[Source data]
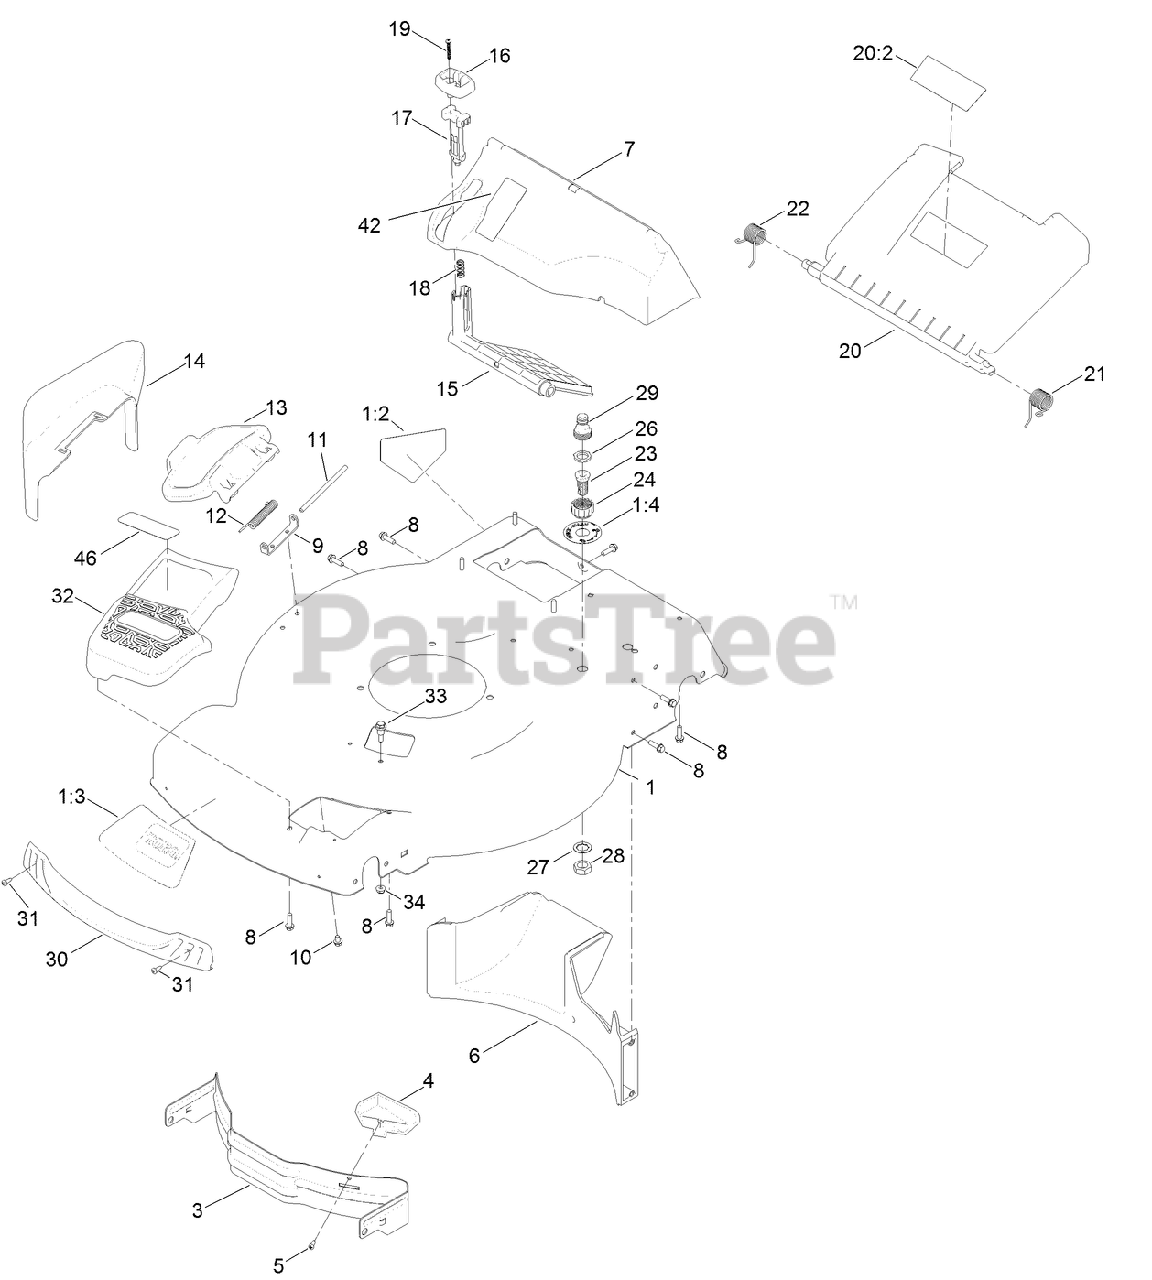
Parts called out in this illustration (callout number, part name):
1	HOUSING ASM
1:2	DECAL-DANGER
1:3	DECAL-DECK
1:4	DECAL-PORT, WASHOUT
3	BAFFLE-FRONT
4	KICKER-FRONT
5	SCREW-PPH
6	BAFFLE-REAR
7	CHUTE-RECYCLE
8	SCREW-HWH
9	BRACKET-COVER
10	SCREW-HWH
12	SPRING-TORSION
13	DEFLECTOR-SIDE
14	CHUTE-DISCHARGE, SIDE
15	DEFLECTOR-RECYCLE
16	KNOB-RECYCLE
17	LATCH-RECYCLE
18	SPRING-COMPRESSION
19	SCREW-PPH
20:2	DECAL-WARNING
21	SPRING-TORSION
22	SPRING-TORSION
23	PORT-WASHOUT
24	COUPLING-HOSE, WASHOUT PORT
26	WASHER-SEAL, WASHOUT PORT
27	WASHER-LOCK
28	NUT-JAM
29	ADAPTER-CONNECT, QUICK
30	BUMPER
31	SCREW-FORMING, THREAD
32	COVER-BELT, FRONT
33	BOLT-SHOULDER
34	NUT-LOCK, NI
46	DECAL-COVER
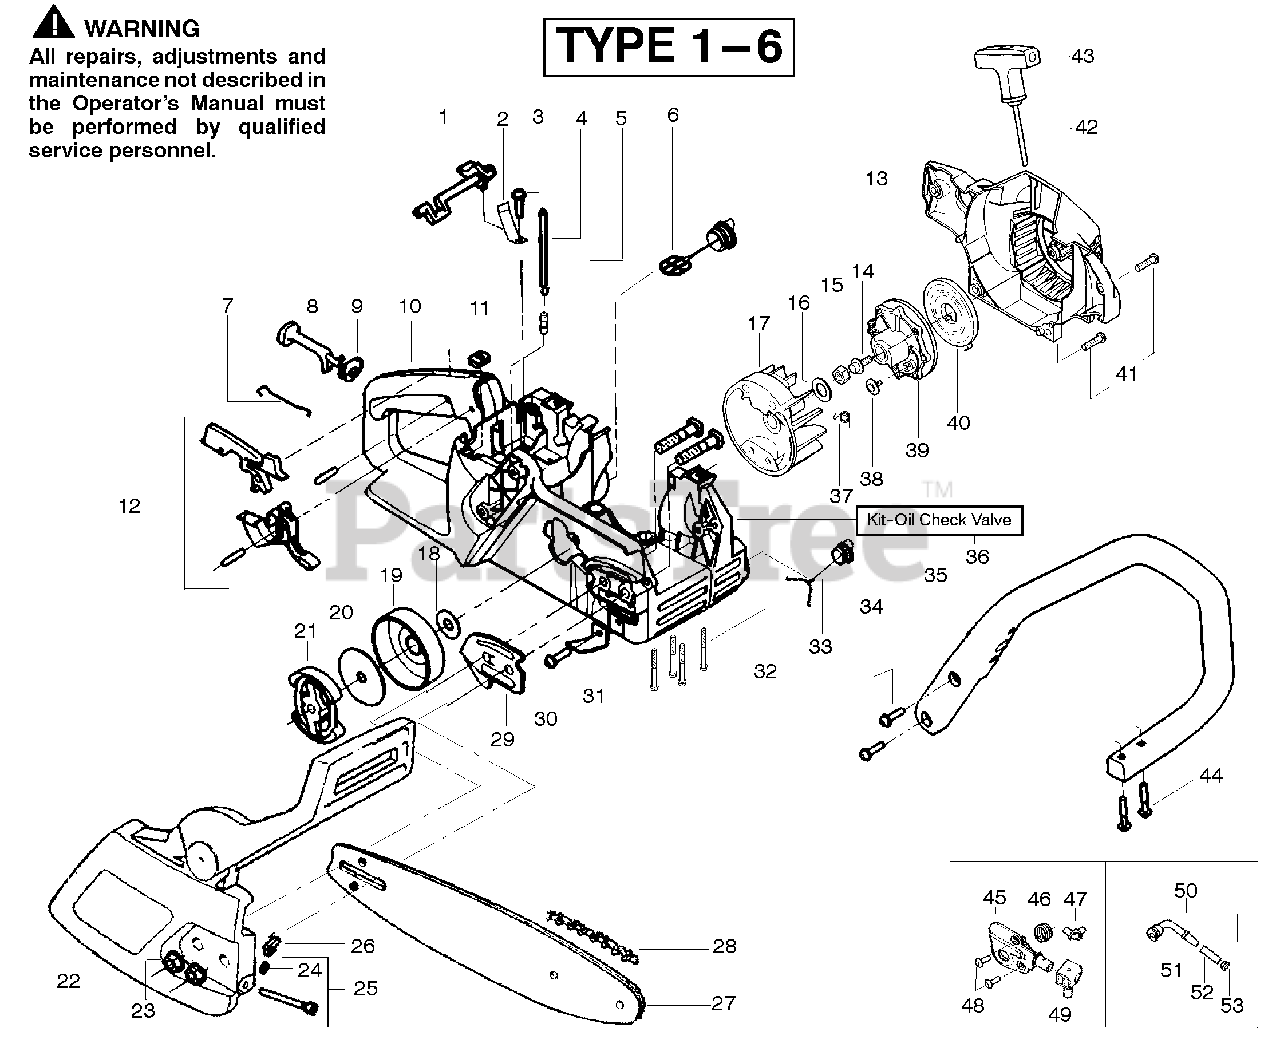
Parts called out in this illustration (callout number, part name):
1	Lever-Switch
2	Spring-Switch
4	Kit-Fuel Line (Large)
6	Assy-Fuel Cap
7	Wire-Throttle
9	Grommet-Choke Knob
12	Kit-Trigger & Lockout
16	Washer-Flywheel
17	Assy-Flywheel
18	Washer - Thrust
19	Assy-Drum W/brg.
20	Washer-Clutch
21	Assy. - Clutch
22	Assy-Chain Brake
23	Nut-Bar Mounting
24	Retainer-Bar Adjust
25	Kit-Bar Adjust
26	Pin-Bar Adjust
28	Chain-16"
29	Plate-Bar Mounting
31	Chain Catcher
33	Assy-Oil Cap
35	Handle-Front
36	Kit-Oil Check Valve
37	Spring - Starter Dog
39	Pulley-Starter
40	Spring-Starter
43	Handle-Starter
45	Kit-Oil Pump
46	Gear-Worm Spring
47	Elbow-Oil Pickup
50	Assy-Oil-Pickup
52	Filter-Oil
53	Plug-Oil Filter
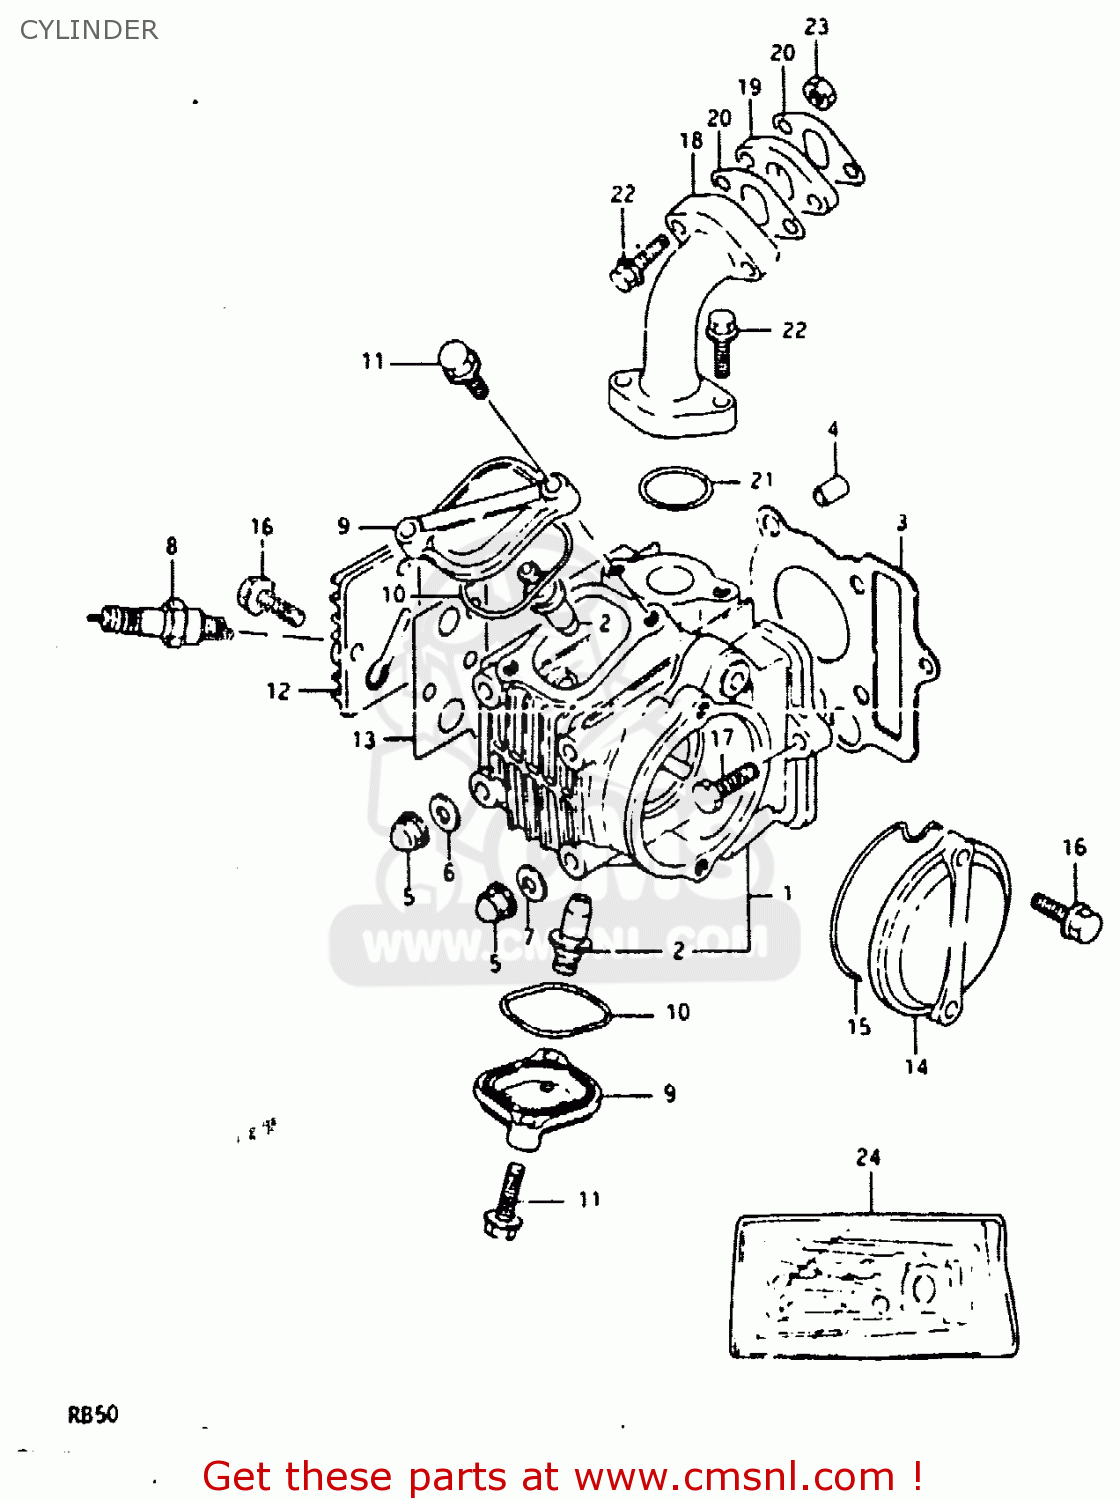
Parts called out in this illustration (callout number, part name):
1	HEAD,CYLINDER
2	GUIDE,VALVE
3	GASKET,CYLINDER HEAD (NAS)
4	PIN(6.2X8X11)
5	NUT
6	GASKET(6.5X13X2.3) (NAS)
7	WASHER (6.5X13X2.3)
8	SPARK PLUG C6HA
10	O RING(D:2.4,ID:33.6X48.6)
11	BOLT
12	COVER,CYLINDER HEAD,R
13	PLATE
14	COVER,CYLINDER HEAD,L
15	O RING(D:2.4,ID:73.5)
16	BOLT,REAR
17	BOLT
18	PIPE,INTAKE
19	INSULATOR,CARBURETOR
20	GASKET,CARBURETOR (ASB)
21	O-RING (D:2.4 ID:23.7)
22	BOLT
23	NUT 6MM
24	GASKET SET
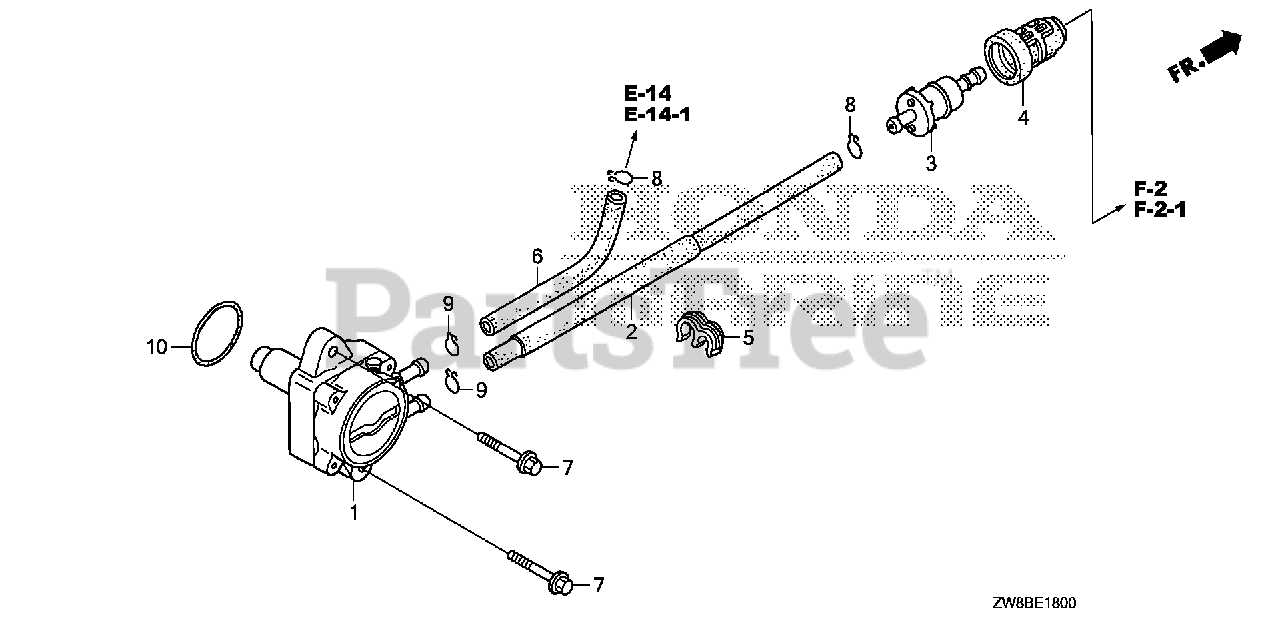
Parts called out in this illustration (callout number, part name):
1	PUMP ASSY., FUEL (MSDS)
2	TUBE B, FUEL
3	FILTER, FUEL
4	SUSPENSION, STRAINER
5	CLAMP, TUBE (7.5-11.5) (BLACK)
6	TUBE, FUEL
7	BOLT, FLANGE (6X22)
8	CLIP, TUBE (B10)
9	CLIP, TUBE (ENGINE NO.)
9	CLIP, TUBE (B12)
10	O-RING (31.2X2.4)

EXERCISE AIM - Repeat the records exactly but leave out the images.

WRITTEN SOLUTION -
Parts called out in this illustration (callout number, part name):
1	HOUSING ASM
1:2	DECAL-DANGER
1:3	DECAL-DECK
1:4	DECAL-PORT, WASHOUT
3	BAFFLE-FRONT
4	KICKER-FRONT
5	SCREW-PPH
6	BAFFLE-REAR
7	CHUTE-RECYCLE
8	SCREW-HWH
9	BRACKET-COVER
10	SCREW-HWH
12	SPRING-TORSION
13	DEFLECTOR-SIDE
14	CHUTE-DISCHARGE, SIDE
15	DEFLECTOR-RECYCLE
16	KNOB-RECYCLE
17	LATCH-RECYCLE
18	SPRING-COMPRESSION
19	SCREW-PPH
20:2	DECAL-WARNING
21	SPRING-TORSION
22	SPRING-TORSION
23	PORT-WASHOUT
24	COUPLING-HOSE, WASHOUT PORT
26	WASHER-SEAL, WASHOUT PORT
27	WASHER-LOCK
28	NUT-JAM
29	ADAPTER-CONNECT, QUICK
30	BUMPER
31	SCREW-FORMING, THREAD
32	COVER-BELT, FRONT
33	BOLT-SHOULDER
34	NUT-LOCK, NI
46	DECAL-COVER
Parts called out in this illustration (callout number, part name):
1	Lever-Switch
2	Spring-Switch
4	Kit-Fuel Line (Large)
6	Assy-Fuel Cap
7	Wire-Throttle
9	Grommet-Choke Knob
12	Kit-Trigger & Lockout
16	Washer-Flywheel
17	Assy-Flywheel
18	Washer - Thrust
19	Assy-Drum W/brg.
20	Washer-Clutch
21	Assy. - Clutch
22	Assy-Chain Brake
23	Nut-Bar Mounting
24	Retainer-Bar Adjust
25	Kit-Bar Adjust
26	Pin-Bar Adjust
28	Chain-16"
29	Plate-Bar Mounting
31	Chain Catcher
33	Assy-Oil Cap
35	Handle-Front
36	Kit-Oil Check Valve
37	Spring - Starter Dog
39	Pulley-Starter
40	Spring-Starter
43	Handle-Starter
45	Kit-Oil Pump
46	Gear-Worm Spring
47	Elbow-Oil Pickup
50	Assy-Oil-Pickup
52	Filter-Oil
53	Plug-Oil Filter
Parts called out in this illustration (callout number, part name):
1	HEAD,CYLINDER
2	GUIDE,VALVE
3	GASKET,CYLINDER HEAD (NAS)
4	PIN(6.2X8X11)
5	NUT
6	GASKET(6.5X13X2.3) (NAS)
7	WASHER (6.5X13X2.3)
8	SPARK PLUG C6HA
10	O RING(D:2.4,ID:33.6X48.6)
11	BOLT
12	COVER,CYLINDER HEAD,R
13	PLATE
14	COVER,CYLINDER HEAD,L
15	O RING(D:2.4,ID:73.5)
16	BOLT,REAR
17	BOLT
18	PIPE,INTAKE
19	INSULATOR,CARBURETOR
20	GASKET,CARBURETOR (ASB)
21	O-RING (D:2.4 ID:23.7)
22	BOLT
23	NUT 6MM
24	GASKET SET
Parts called out in this illustration (callout number, part name):
1	PUMP ASSY., FUEL (MSDS)
2	TUBE B, FUEL
3	FILTER, FUEL
4	SUSPENSION, STRAINER
5	CLAMP, TUBE (7.5-11.5) (BLACK)
6	TUBE, FUEL
7	BOLT, FLANGE (6X22)
8	CLIP, TUBE (B10)
9	CLIP, TUBE (ENGINE NO.)
9	CLIP, TUBE (B12)
10	O-RING (31.2X2.4)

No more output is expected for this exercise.